Si sedette al tavolo della cucina e io
restai appoggiata al lavello a sorseggiare il mio. Poi mi resi conto di essere
in mutande e allora me ne andai in camera a recuperare un paio di pantaloni che
infilai al volo. Scostai le tende e spalancai la finestra affinché l'aria
purificasse l'ambiente. Non appena se ne fosse andato, avrei gettato quelle
lenzuola. Nemmeno una sterilizzazione avrebbe potuto eliminare la macchia nella
mia anima. Meglio buttarle e non vederle più.
Da terra raccolsi il preservativo che, una
volta avvolto in un fazzoletto, buttai nel cestino del bagno. E poi davanti allo
specchio potei finalmente guardarmi negli occhi.
«Ma che cazzo hai combinato, Natalie,
Natalie, Natalie, Natalie, Natalie».
E quel mantrico Natalie andò avanti per
un paio di minuti finché dopo aver inspirato due o tre volte decisi di
affrontare la faccenda. Dovevo fare appello alla Natalie pragmatica dentro di
me.
Cosa era importante nel mio mondo? La
risposta era ovvia: il lavoro che facevo, lo stipendio che percepivo puntale,
pagare la retta alla scuola, insomma, il mio futuro. Perseguire il mio sogno.
Pertanto adesso dovevo tornare da lui, guardandolo dritto negli occhi e dirgli
senza mezzi termini: «Mr Guillaime, non so cosa sia accaduto stanotte, ma credo
che mantenere un atteggiamento professionale sia di interesse per entrambi.

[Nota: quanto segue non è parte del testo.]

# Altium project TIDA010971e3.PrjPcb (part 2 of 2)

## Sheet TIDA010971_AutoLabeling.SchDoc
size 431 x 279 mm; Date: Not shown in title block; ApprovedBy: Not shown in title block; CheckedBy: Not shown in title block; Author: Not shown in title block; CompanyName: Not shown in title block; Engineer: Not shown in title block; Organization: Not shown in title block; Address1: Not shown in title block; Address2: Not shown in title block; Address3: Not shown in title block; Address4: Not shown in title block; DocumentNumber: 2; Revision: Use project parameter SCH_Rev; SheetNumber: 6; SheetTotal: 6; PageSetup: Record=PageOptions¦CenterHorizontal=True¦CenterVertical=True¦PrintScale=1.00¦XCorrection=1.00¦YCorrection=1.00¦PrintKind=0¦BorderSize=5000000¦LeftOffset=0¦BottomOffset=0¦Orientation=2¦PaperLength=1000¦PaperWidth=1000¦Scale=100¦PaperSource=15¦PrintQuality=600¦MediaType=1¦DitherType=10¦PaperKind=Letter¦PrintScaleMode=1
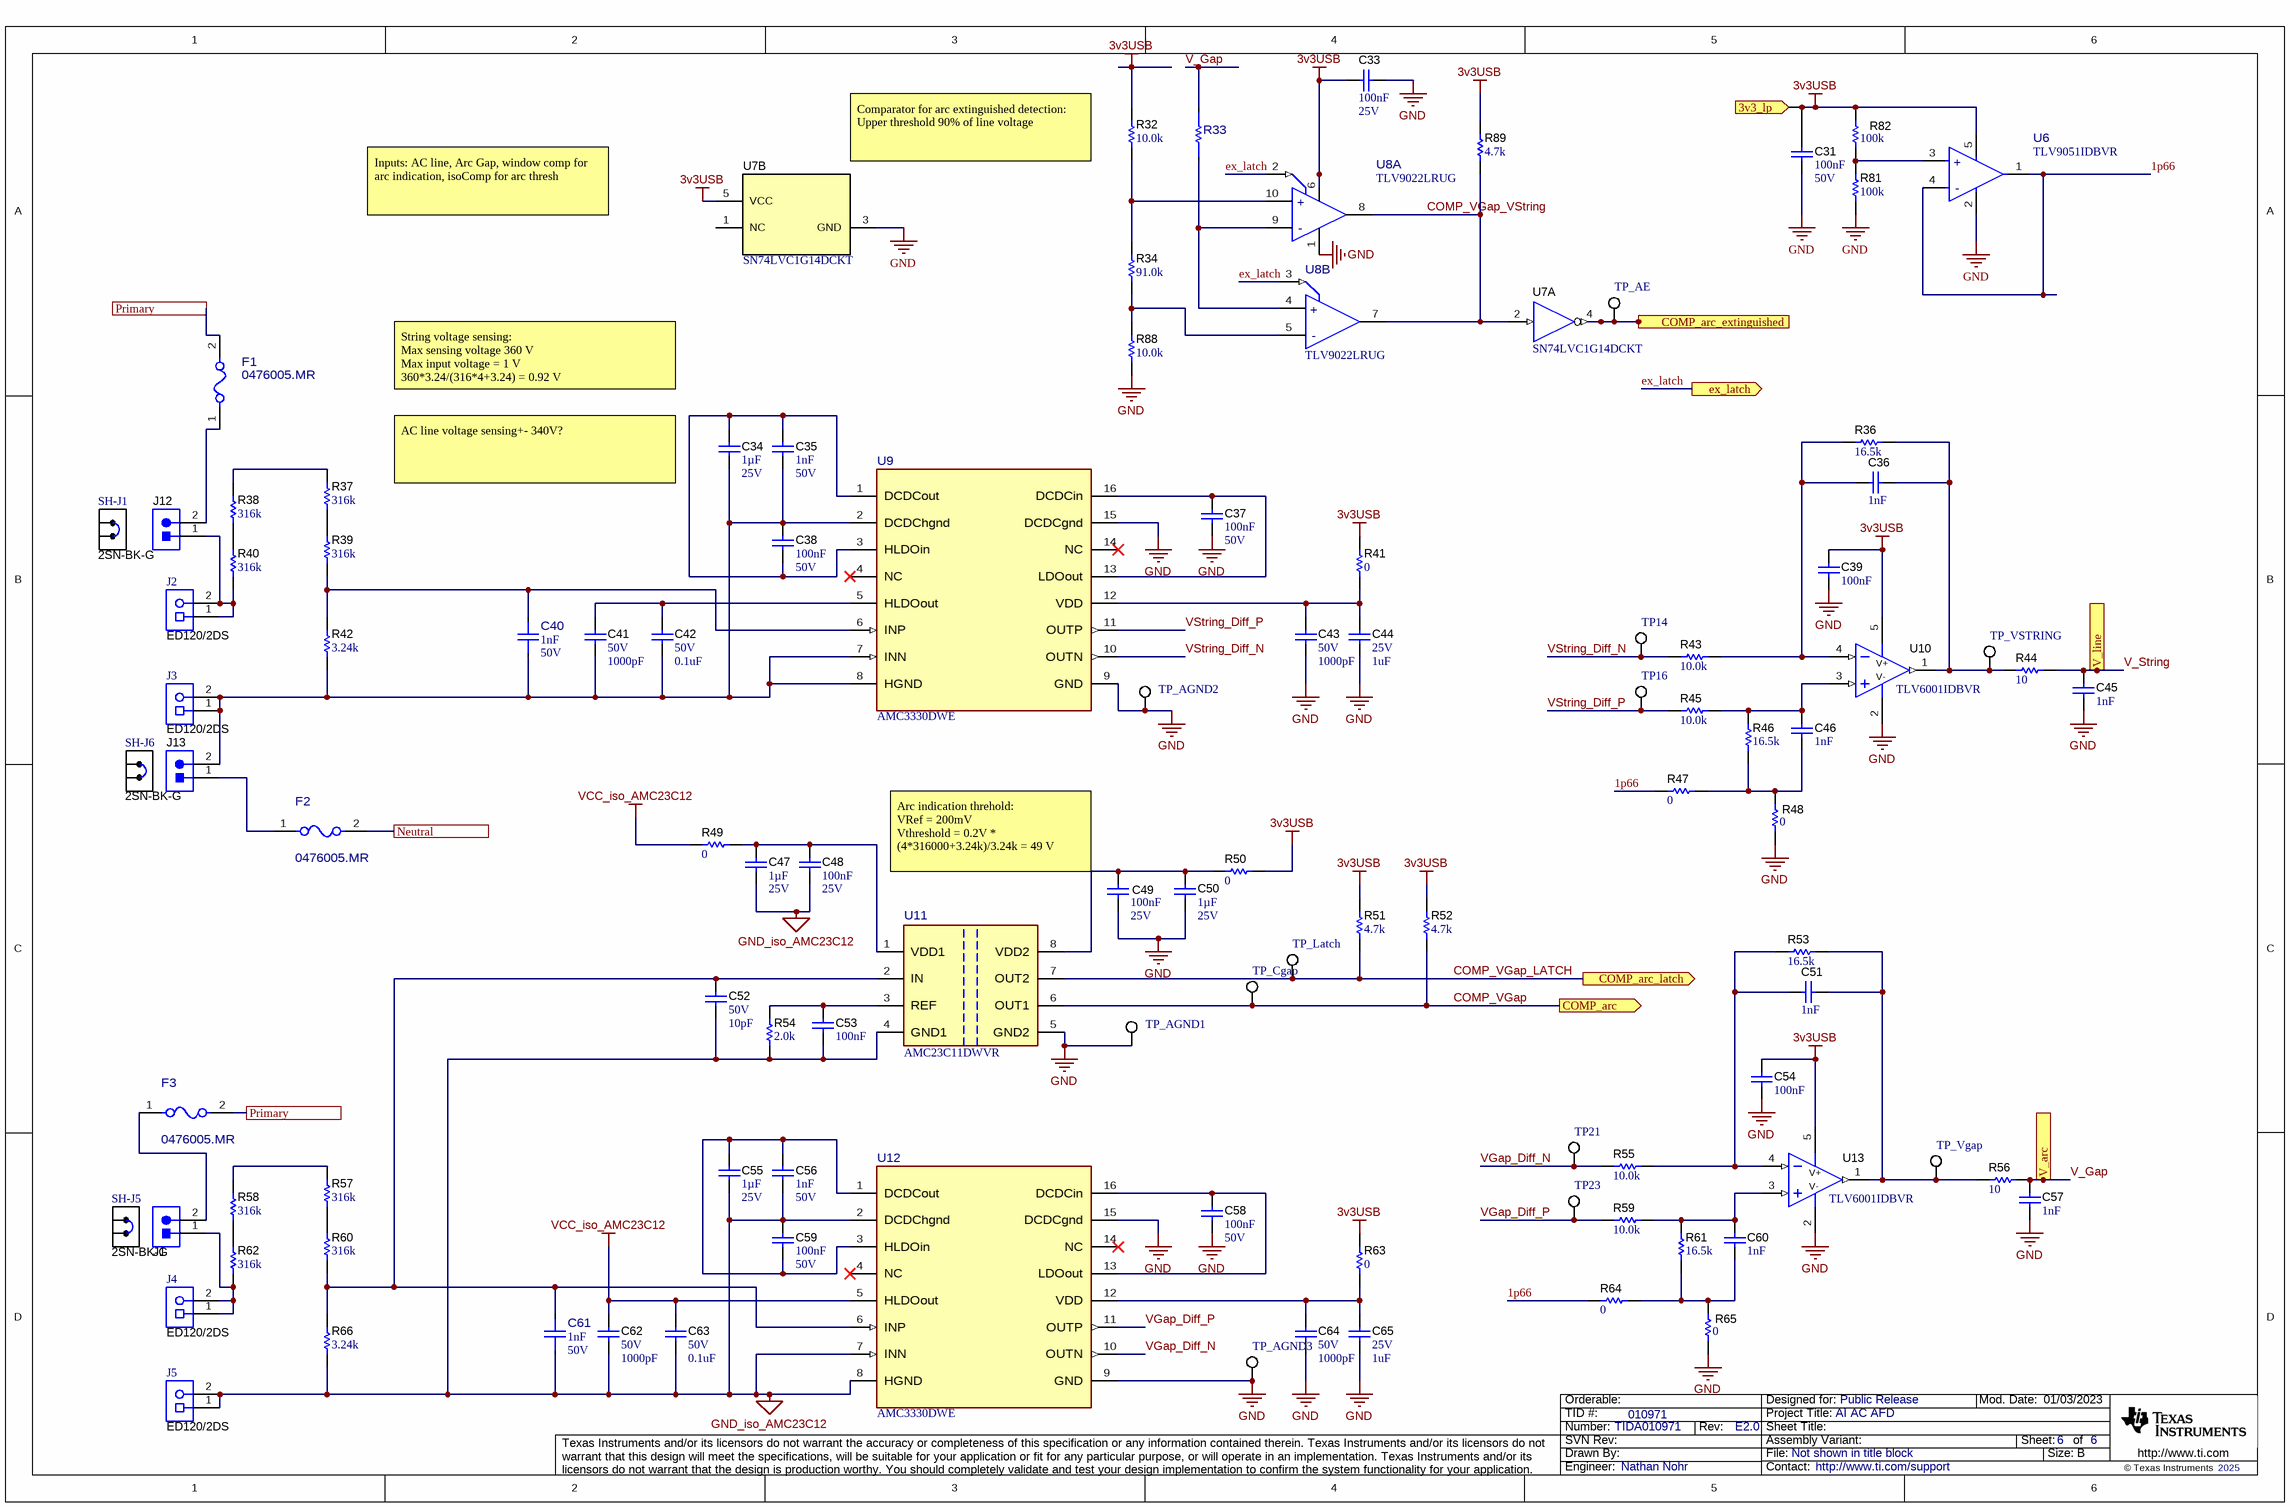
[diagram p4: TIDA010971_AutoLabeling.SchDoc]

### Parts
C31  Cap_F: 100nF  VDC_V: 50V  [0603S]  (hidden comment: C0603C104K5RACAUTO)
C33  Cap_F: 100nF  VDC_V: 25V  [0603S]  (hidden comment: C0603C104J3RACTU)
C34  Cap_F: 1µF  VDC_V: 25V  [0603S]  (hidden comment: 06033C105KAT2A)
C35  Cap_F: 1nF  VDC_V: 50V  [0603S]  (hidden comment: C0603C102K5RACTU)
C36  Cap_F: 1nF  [0603S]  (hidden comment: CL10C102JB8NNNC)
C37  Cap_F: 100nF  VDC_V: 50V  [0603S]  (hidden comment: C0603C104K5RACAUTO)
C38  Cap_F: 100nF  VDC_V: 50V  [0603S]  (hidden comment: C0603C104K5RACAUTO)
C39  Cap_F: 100nF  [0603S]  (hidden comment: C0603C104J3RAC)
C40  Cap_F: 1nF  VDC_V: 50V  [FP-C0603X102K5RAC7867_0603-MFG]  (hidden comment: C0603X102K5RAC7867)
C41  VDC_V: 50V  ValueDisplayed: 1000pF  [1206]  (hidden comment: 12065C102KAT2A)
C42  VDC_V: 50V  ValueDisplayed: 0.1uF  [1206]  (hidden comment: C1206C104K5RACTU)
C43  VDC_V: 50V  ValueDisplayed: 1000pF  [1206]  (hidden comment: 12065C102KAT2A)
C44  VDC_V: 25V  ValueDisplayed: 1uF  [1206]  (hidden comment: 12063C105KAT2A)
C45  Cap_F: 1nF  [0603S]  (hidden comment: CL10C102JB8NNNC)
C46  Cap_F: 1nF  [0603S]  (hidden comment: CL10C102JB8NNNC)
C47  Cap_F: 1µF  VDC_V: 25V  [0603S]  (hidden comment: 06033C105KAT2A)
C48  Cap_F: 100nF  VDC_V: 25V  [0603S]  (hidden comment: 06033C104KAT2A)
C49  Cap_F: 100nF  VDC_V: 25V  [0603S]  (hidden comment: 06033C104KAT2A)
C50  Cap_F: 1µF  VDC_V: 25V  [0603S]  (hidden comment: 06033C105KAT2A)
C51  Cap_F: 1nF  [0603S]  (hidden comment: CL10C102JB8NNNC)
C52  VDC_V: 50V  ValueDisplayed: 10pF  [0603S]  (hidden comment: C0603C100J5GACTU)
C53  Cap_F: 100nF  [0603S]  (hidden comment: 06033C104KAT2A)
C54  Cap_F: 100nF  [0603S]  (hidden comment: C0603C104J3RAC)
C55  Cap_F: 1µF  VDC_V: 25V  [0603S]  (hidden comment: 06033C105KAT2A)
C56  Cap_F: 1nF  VDC_V: 50V  [0603S]  (hidden comment: C0603C102K5RACTU)
C57  Cap_F: 1nF  [0603S]  (hidden comment: CL10C102JB8NNNC)
C58  Cap_F: 100nF  VDC_V: 50V  [0603S]  (hidden comment: C0603C104K5RACAUTO)
C59  Cap_F: 100nF  VDC_V: 50V  [0603S]  (hidden comment: C0603C104K5RACAUTO)
C60  Cap_F: 1nF  [0603S]  (hidden comment: CL10C102JB8NNNC)
C61  Cap_F: 1nF  VDC_V: 50V  [FP-C0603X102K5RAC7867_0603-MFG]  (hidden comment: C0603X102K5RAC7867)
C62  VDC_V: 50V  ValueDisplayed: 1000pF  [1206]  (hidden comment: 12065C102KAT2A)
C63  VDC_V: 50V  ValueDisplayed: 0.1uF  [1206]  (hidden comment: C1206C104K5RACTU)
C64  VDC_V: 50V  ValueDisplayed: 1000pF  [1206]  (hidden comment: 12065C102KAT2A)
C65  VDC_V: 25V  ValueDisplayed: 1uF  [1206]  (hidden comment: 12063C105KAT2A)
F1  0476005.MR  [FP-0476005.MR_SMT_FUSE_6MM1_2MM69-MFG]
F2  0476005.MR  [FP-0476005.MR_SMT_FUSE_6MM1_2MM69-MFG]
F3  0476005.MR  [FP-0476005.MR_SMT_FUSE_6MM1_2MM69-MFG]
J1  TSW-102-07-G-S  [TSW-102-07-G-S]  (value not drawn)
J2  ED120/2DS  [On-Shore_ED120_2DS]
J3  ED120/2DS  [On-Shore_ED120_2DS]
J4  ED120/2DS  [On-Shore_ED120_2DS]
J5  ED120/2DS  [On-Shore_ED120_2DS]
J12  TSW-102-07-G-S  [TSW-102-07-G-S]  (value not drawn)
J13  TSW-102-07-G-S  [TSW-102-07-G-S]  (value not drawn)
R32  ValueDisplayed: 10.0k  [0603]  (hidden comment: M55342K12B10E0T)
R33  CR0603-10W-000T  [FP-CR0603-10W-000T_0603-MFG]  (value not drawn)
R34  ValueDisplayed: 91.0k  [0603]  (hidden comment: RC0603FR-0791KL)
R36  ValueDisplayed: 16.5k  [0603S]  (hidden comment: RT0603BRD0716K5L)
R37  ValueDisplayed: 316k  [0805_HV1]  (hidden comment: CRCW0805316KFKEA)
R38  ValueDisplayed: 316k  [0805_HV1]  (hidden comment: CRCW0805316KFKEA)
R39  ValueDisplayed: 316k  [0805_HV1]  (hidden comment: CRCW0805316KFKEA)
R40  ValueDisplayed: 316k  [0805_HV1]  (hidden comment: CRCW0805316KFKEA)
R41  ValueDisplayed: 0  [0603S]  (hidden comment: RC0603JR-070RL)
R42  ValueDisplayed: 3.24k  [0603]  (hidden comment: RC0603FR-073K24L)
R43  ValueDisplayed: 10.0k  [0603S]  (hidden comment: RT0603BRD0710KL)
R44  ValueDisplayed: 10  [0603S]  (hidden comment: CRCW060310R0JNEA)
R45  ValueDisplayed: 10.0k  [0603S]  (hidden comment: RT0603BRD0710KL)
R46  ValueDisplayed: 16.5k  [0603S]  (hidden comment: RT0603BRD0716K5L)
R47  ValueDisplayed: 0  [0603S]  (hidden comment: RMCF0603ZT0R00)
R48  ValueDisplayed: 0  [0603S]  (hidden comment: RMCF0603ZT0R00)
R49  ValueDisplayed: 0  [0603S]  (hidden comment: RC0603JR-070RL)
R50  ValueDisplayed: 0  [0603S]  (hidden comment: RC0603JR-070RL)
R51  ValueDisplayed: 4.7k  [0603S]  (hidden comment: RC0603JR-074K7L)
R52  ValueDisplayed: 4.7k  [0603S]  (hidden comment: RC0603JR-074K7L)
R53  ValueDisplayed: 16.5k  [0603S]  (hidden comment: RT0603BRD0716K5L)
R54  ValueDisplayed: 2.0k  [0603]  (hidden comment: RC0603JR-072KL)
R55  ValueDisplayed: 10.0k  [0603S]  (hidden comment: RT0603BRD0710KL)
R56  ValueDisplayed: 10  [0603S]  (hidden comment: CRCW060310R0JNEA)
R57  ValueDisplayed: 316k  [0805_HV1]  (hidden comment: CRCW0805316KFKEA)
R58  ValueDisplayed: 316k  [0805_HV1]  (hidden comment: CRCW0805316KFKEA)
R59  ValueDisplayed: 10.0k  [0603S]  (hidden comment: RT0603BRD0710KL)
R60  ValueDisplayed: 316k  [0805_HV1]  (hidden comment: CRCW0805316KFKEA)
R61  ValueDisplayed: 16.5k  [0603S]  (hidden comment: RT0603BRD0716K5L)
R62  ValueDisplayed: 316k  [0805_HV1]  (hidden comment: CRCW0805316KFKEA)
R63  ValueDisplayed: 0  [0603S]  (hidden comment: RC0603JR-070RL)
R64  ValueDisplayed: 0  [0603S]  (hidden comment: RMCF0603ZT0R00)
R65  ValueDisplayed: 0  [0603S]  (hidden comment: RMCF0603ZT0R00)
R66  ValueDisplayed: 3.24k  [0603]  (hidden comment: RC0603FR-073K24L)
R81  ValueDisplayed: 100k  [0603]  (hidden comment: CRCW0603100KJNEAC)
R82  ValueDisplayed: 100k  [0603]  (hidden comment: CRCW0603100KJNEAC)
R88  ValueDisplayed: 10.0k  [0603]  (hidden comment: M55342K12B10E0T)
R89  ValueDisplayed: 4.7k  [0603S]  (hidden comment: RC0603JR-074K7L)
SH-J1  2SN-BK-G  [2SN-BK-G]
SH-J5  2SN-BK-G  [2SN-BK-G]
SH-J6  2SN-BK-G  [2SN-BK-G]
TP14  5007  [Keystone5007]  (value not drawn)
TP16  5007  [Keystone5007]  (value not drawn)
TP21  5007  [Keystone5007]  (value not drawn)
TP23  5007  [Keystone5007]  (value not drawn)
TP_AE  5007  [Keystone5007]  (value not drawn)
TP_AGND1  5007  [Keystone5007]  (value not drawn)
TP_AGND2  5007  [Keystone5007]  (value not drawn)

Ritengo questa scelta la più pratica per potere continuare a lavorare insieme
con criterio come da cinque anni a questa parte e secondo gli obiettivi della
nostra azienda».
Inspirai e ok.
Prima del discorso però era necessario
ricomporsi. Mi stavo lavando i denti per avere una bocca meno impastata quando
Guillaime si palesò davanti all'ingresso del bagno. Mi sciacquai la bocca velocemente
e, rialzatami, affrontai il momento.
«Natalie...», disse lui.
«Sì», risposi e via, «Mr Guillaime,
vorrei precisare che...».
Lui mi sorrise, con la mano mi sfiorò una
spalla e io arrestai la filippica. Dopodiché mi trovai con le spalle alle
piastrelle gelide e le sue labbra sulle mie per dei baci leggeri. «Sembri nervosa»,
disse seducente cingendomi la vita.
Sgusciai via dal suo abbraccio.
«Senta, Mr Guillaime, raramente mi capita
di tornare a casa con un uomo e sinceramente non so cosa sia successo ieri
sera, cioè, ho un vago ricordo e comunque direi che potremmo cercare di
dimenticare tutto e proseguire il nostro lavoro come se nulla fosse mai
successo. Tengo molto all’impiego presso il Macy's Square Trade e soprattutto
alla posizione che ho raggiunto in questi anni, quindi non vedo il motivo di
proseguire oltre. Sono sicura che sarà d'accordo con me, considerando che se
dovesse venirne a conoscenza suo padre mi aspetta il licenziamento, come è già
successo alla sue precedenti assistenti. Nel contratto, se ricorda, c'è proprio
una condizione specifica in merito alle relazioni extra lavorative. Insomma,
spero che quanto accaduto stanotte non comprometta il lavoro a cui tengo molto.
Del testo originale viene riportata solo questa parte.